* WORK ITEM: Could you filter the records below and return each line that holds "CIRCLE"?

:: RECORDS TO USE

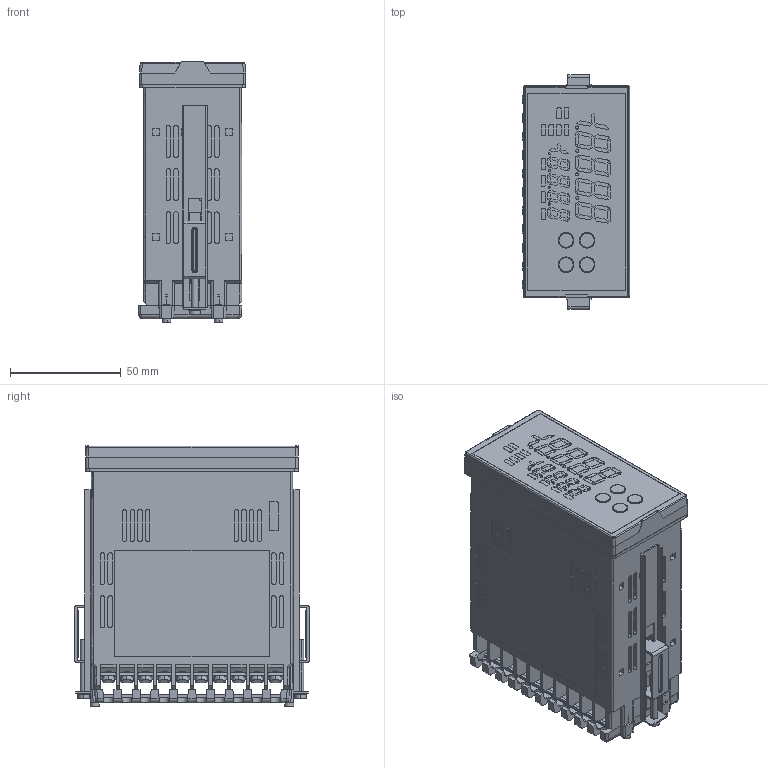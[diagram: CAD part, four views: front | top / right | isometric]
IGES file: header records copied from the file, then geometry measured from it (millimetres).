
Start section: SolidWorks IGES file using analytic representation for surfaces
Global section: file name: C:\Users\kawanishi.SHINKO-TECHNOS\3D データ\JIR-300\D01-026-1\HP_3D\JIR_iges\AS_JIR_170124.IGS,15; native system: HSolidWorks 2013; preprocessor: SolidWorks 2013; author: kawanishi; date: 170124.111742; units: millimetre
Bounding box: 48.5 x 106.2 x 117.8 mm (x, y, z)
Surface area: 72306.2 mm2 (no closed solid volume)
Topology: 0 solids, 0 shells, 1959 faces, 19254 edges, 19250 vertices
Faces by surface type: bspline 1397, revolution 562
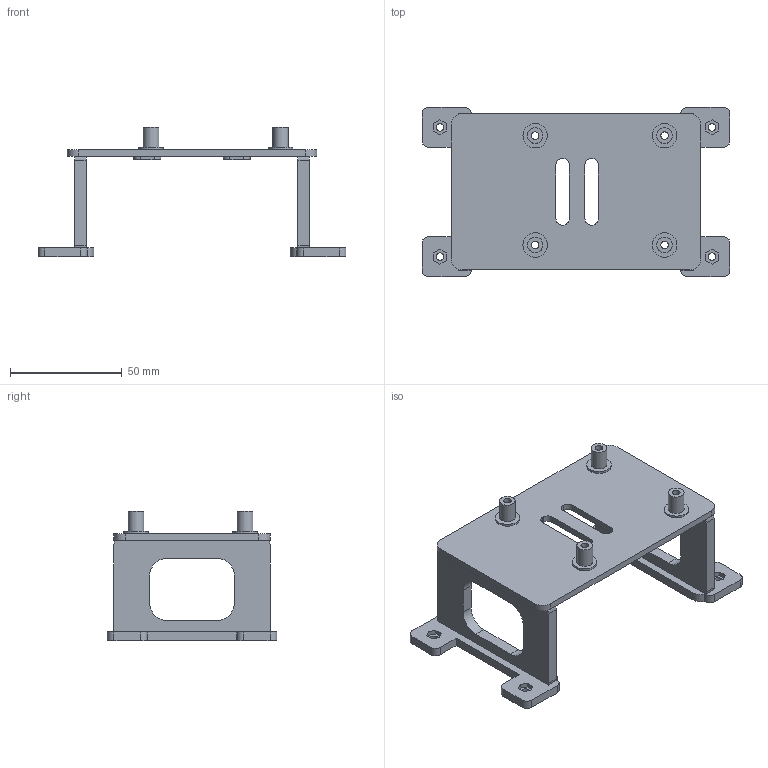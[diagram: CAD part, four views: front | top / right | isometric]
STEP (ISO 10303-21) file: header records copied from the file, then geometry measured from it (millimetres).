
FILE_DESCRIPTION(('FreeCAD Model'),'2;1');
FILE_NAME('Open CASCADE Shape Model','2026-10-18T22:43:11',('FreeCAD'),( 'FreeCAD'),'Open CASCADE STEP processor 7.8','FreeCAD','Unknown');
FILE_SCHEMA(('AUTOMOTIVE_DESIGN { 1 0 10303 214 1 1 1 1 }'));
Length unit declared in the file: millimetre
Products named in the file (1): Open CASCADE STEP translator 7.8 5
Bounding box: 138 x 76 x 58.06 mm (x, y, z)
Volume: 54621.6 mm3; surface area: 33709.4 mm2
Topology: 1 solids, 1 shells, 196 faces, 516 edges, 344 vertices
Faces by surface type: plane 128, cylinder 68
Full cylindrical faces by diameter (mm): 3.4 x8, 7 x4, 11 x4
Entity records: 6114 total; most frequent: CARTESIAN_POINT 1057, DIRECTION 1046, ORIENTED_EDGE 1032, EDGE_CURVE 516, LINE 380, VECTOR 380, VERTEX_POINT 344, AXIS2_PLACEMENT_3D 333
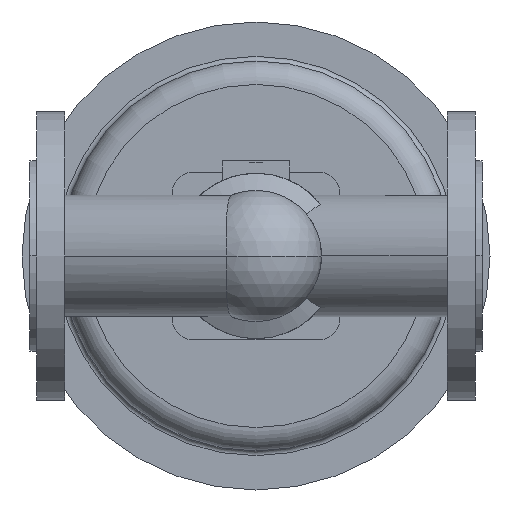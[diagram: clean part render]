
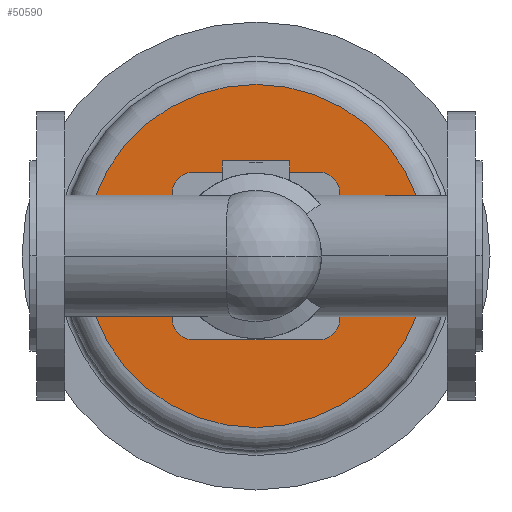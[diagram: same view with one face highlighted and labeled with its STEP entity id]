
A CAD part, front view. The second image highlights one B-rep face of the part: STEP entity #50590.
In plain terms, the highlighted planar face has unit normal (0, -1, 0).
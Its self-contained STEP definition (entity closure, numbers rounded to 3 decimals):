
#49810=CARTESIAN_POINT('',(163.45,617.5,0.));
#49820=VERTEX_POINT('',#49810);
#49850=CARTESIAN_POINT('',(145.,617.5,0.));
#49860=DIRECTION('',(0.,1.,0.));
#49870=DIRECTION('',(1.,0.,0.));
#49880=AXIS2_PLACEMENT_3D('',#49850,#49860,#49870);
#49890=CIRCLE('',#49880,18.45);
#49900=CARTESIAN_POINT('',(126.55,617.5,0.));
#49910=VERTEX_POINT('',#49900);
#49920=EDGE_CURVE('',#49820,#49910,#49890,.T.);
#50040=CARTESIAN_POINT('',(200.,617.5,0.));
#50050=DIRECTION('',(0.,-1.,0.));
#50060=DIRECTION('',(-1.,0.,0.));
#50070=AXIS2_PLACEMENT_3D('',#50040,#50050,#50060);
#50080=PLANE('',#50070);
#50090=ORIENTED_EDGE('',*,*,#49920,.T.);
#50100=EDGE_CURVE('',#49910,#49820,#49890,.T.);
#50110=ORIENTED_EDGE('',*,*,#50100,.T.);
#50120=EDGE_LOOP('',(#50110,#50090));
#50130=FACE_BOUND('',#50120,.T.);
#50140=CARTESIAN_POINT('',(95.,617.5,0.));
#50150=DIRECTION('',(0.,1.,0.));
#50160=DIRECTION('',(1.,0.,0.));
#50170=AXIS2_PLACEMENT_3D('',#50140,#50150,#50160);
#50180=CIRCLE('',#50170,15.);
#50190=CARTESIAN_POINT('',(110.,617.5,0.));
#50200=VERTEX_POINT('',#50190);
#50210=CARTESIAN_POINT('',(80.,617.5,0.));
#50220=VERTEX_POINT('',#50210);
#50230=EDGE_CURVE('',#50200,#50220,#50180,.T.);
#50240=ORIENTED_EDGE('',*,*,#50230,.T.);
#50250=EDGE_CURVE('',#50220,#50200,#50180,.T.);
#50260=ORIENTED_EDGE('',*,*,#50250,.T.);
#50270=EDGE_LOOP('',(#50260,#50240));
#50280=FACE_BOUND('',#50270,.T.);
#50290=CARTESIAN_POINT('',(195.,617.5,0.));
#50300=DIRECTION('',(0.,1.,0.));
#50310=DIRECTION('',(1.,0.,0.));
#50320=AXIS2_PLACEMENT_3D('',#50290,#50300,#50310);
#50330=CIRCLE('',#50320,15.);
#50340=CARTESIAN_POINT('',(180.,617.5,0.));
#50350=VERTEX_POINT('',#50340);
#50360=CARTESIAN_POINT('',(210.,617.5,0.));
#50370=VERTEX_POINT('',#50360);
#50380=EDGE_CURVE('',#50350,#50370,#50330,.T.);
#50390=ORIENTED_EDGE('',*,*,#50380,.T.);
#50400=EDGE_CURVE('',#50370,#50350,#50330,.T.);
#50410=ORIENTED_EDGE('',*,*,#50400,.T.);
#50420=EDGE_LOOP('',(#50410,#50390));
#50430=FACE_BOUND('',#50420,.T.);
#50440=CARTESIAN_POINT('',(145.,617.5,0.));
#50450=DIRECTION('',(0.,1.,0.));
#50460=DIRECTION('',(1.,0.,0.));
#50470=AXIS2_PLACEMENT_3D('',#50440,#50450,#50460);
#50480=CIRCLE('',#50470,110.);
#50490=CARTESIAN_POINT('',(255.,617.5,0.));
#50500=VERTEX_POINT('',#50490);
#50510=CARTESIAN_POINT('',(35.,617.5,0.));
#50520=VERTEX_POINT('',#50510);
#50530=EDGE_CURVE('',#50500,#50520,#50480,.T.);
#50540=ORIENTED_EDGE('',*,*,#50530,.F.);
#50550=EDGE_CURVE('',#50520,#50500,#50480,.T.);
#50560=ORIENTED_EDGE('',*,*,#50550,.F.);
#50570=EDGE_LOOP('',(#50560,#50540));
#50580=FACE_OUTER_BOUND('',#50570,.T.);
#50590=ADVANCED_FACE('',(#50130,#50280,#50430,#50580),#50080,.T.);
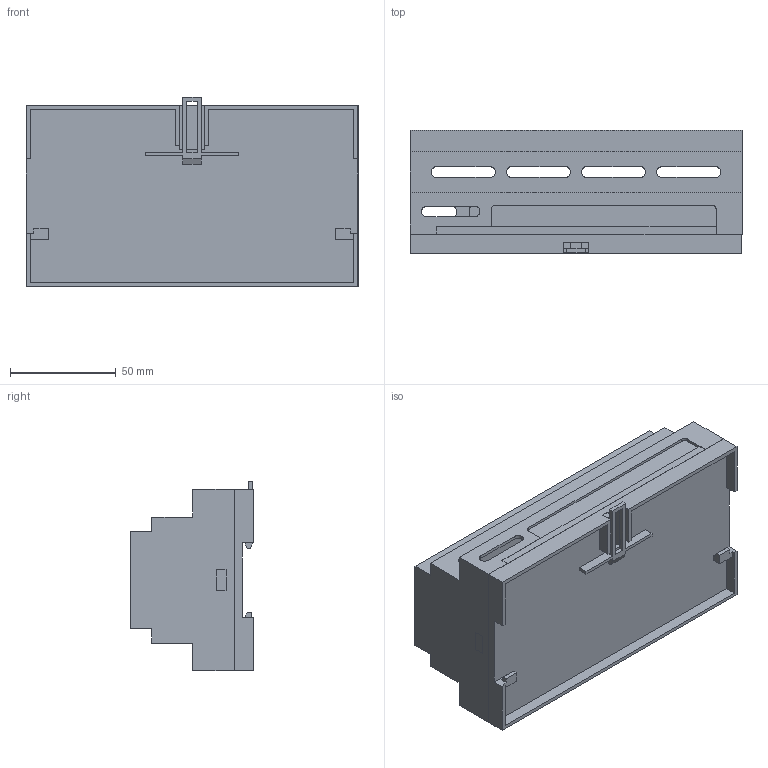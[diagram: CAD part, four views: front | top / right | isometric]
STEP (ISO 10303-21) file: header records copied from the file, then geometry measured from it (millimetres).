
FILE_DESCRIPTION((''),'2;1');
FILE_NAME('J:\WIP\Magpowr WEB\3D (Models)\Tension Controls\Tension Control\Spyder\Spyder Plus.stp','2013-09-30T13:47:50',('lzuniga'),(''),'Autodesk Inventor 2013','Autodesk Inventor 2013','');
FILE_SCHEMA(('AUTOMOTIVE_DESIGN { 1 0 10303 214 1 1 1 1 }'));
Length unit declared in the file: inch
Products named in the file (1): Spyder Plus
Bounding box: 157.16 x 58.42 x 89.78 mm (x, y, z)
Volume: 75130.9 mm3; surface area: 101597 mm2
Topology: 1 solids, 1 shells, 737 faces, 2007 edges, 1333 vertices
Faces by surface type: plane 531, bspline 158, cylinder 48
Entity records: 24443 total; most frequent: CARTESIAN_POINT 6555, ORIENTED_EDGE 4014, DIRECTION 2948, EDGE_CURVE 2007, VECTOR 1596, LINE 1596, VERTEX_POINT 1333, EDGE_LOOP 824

::::

* SOLUTION TO THIS EXERCISE:
#49890=CIRCLE('',#49880,18.45);
#50180=CIRCLE('',#50170,15.);
#50330=CIRCLE('',#50320,15.);
#50480=CIRCLE('',#50470,110.);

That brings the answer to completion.